Maria, a payments processor in Company ABC, a bills collection company requested for a 3-month leave of absence in
order to prepare for her board examinations. Her company approved but to avoid impairing their regular operations
because of her absence, the General Manager of Company ABC asked the HR to source a temporary replacement.

To encourage quick sourcing and entice a large applicant pool, the GM told the HR to offer a salary 50% higher than
the current salary rates of the regular payments processor to the person who will qualify and accept the 3-month
employment period. The GM justified that this is a one-off break of their internal salary equity, whereas itll be very
hard to source applicants due to the Christmas season, when persons exploring short work opportunities will be quite
low.

The HR successfully sourced and offered the temporay position to Orly, a fresh graduate. Orly received a fixed-term
contract of 3 months. On his 2nd month of employment, one payments processor filed her resignation effective
immediately. The GM, decided not to hire for a replacement since Maria will be back in one months time. The GM is
also thinking of offering the fulltime position to Orly after the end of his 3-month contract.

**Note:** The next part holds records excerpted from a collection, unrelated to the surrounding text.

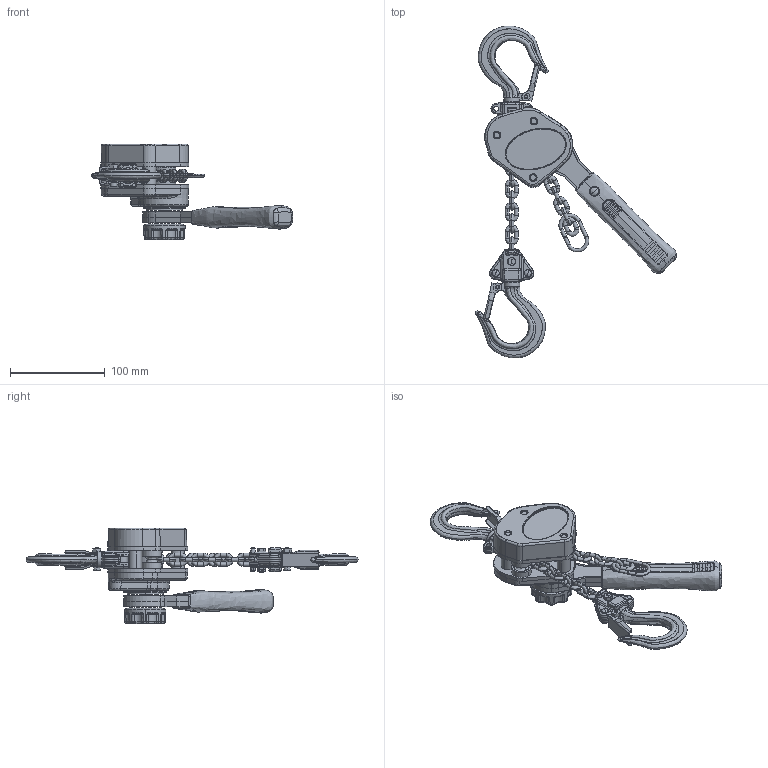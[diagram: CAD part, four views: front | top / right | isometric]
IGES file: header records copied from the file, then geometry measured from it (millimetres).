
Start section: SolidWorks IGES file using analytic representation for surfaces
Global section: file name: \\KITO-SHARE02\CAD_Standard_Design\3Dデータ\LX\L1XA005\提出データ\L1XA005.IGS; native system: SolidWorks 2010; preprocessor: SolidWorks 2010; author: h-mitsui; date: 141105.115612; units: metre
Bounding box: 212.79 x 351.18 x 101.5 mm (x, y, z)
Surface area: 110093.8 mm2 (no closed solid volume)
Topology: 0 solids, 0 shells, 1336 faces, 15781 edges, 15735 vertices
Faces by surface type: bspline 883, revolution 453
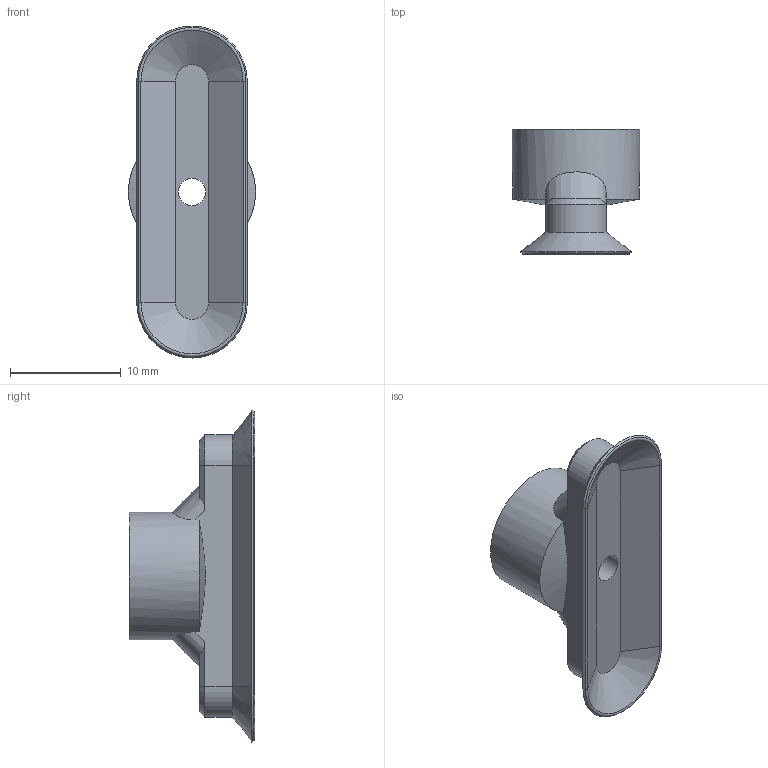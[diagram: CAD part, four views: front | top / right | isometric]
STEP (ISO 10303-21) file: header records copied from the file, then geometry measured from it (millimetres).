
FILE_DESCRIPTION(('STEP AP214'),'1');
FILE_NAME('CA.08.27.002.stp','2019-04-17T13:05:05',(' '),(' '),'Spatial InterOp 3D',' ',' ');
FILE_SCHEMA(('AUTOMOTIVE_DESIGN { 1 0 10303 214 1 1 1 1 }'));
Length unit declared in the file: millimetre
Products named in the file (1): CA.08.27.002
Bounding box: 11.5 x 11.3 x 30 mm (x, y, z)
Volume: 1009.7 mm3; surface area: 1254.9 mm2
Topology: 1 solids, 1 shells, 42 faces, 95 edges, 58 vertices
Faces by surface type: plane 19, cone 10, cylinder 9, extrusion 2, torus 2
Full cylindrical faces by diameter (mm): 2.5 x1, 5.5 x1, 7 x2, 11.5 x1
Entity records: 1717 total; most frequent: CARTESIAN_POINT 462, DIRECTION 188, ORIENTED_EDGE 174, EDGE_CURVE 87, AXIS2_PLACEMENT_3D 70, VERTEX_POINT 55, EDGE_LOOP 52, VECTOR 48

Upon Marias return to work and consequently the end of 3 month contract of Orly, the GM offered a new employment
contract to Orly with the following conditions:

1. He needs to undergo a probationary period of 3 more months as to consider his stint when he was still a fixed-
term employee. This is a trial period if he is fit for regular employment
2. He will be performing the same job responsibilities
3. That his new salary will be based on the official entry rate for payments processor, which is lower than his salary
when he was still a fixed-term employee

The GM explained that his old salary was inflated to hype the 3 month contract only. While he will no longer receive the
same salary that he was enjoying, he will be entitled to other benefits in the future, such us Allowances, Medical & Life
Insurance and a Mobile Plan which is in effect, greater than the value of his old salary. However, he will get to
experience the mentioned benefits only after his confirmation to regular position, which is after 3 months. Orly, having
Company ABC as his 1st employer and wishing for a permanent work did not see anything wrong and accepted the new
employment contract.

1. In the case of Orly, did the GM violate the law on non-diminution of benefits enshrined in Article 100 of the
Philippine Labor Code?
2. Is the GM correct in letting Orly undergo a probationary period? How about qualifying his initial engagement as
fixed-term?
3. In case there were inadequacies in terms of handling Orlys case, what are the applicable remedies that you
can propose if you are the HR Manager?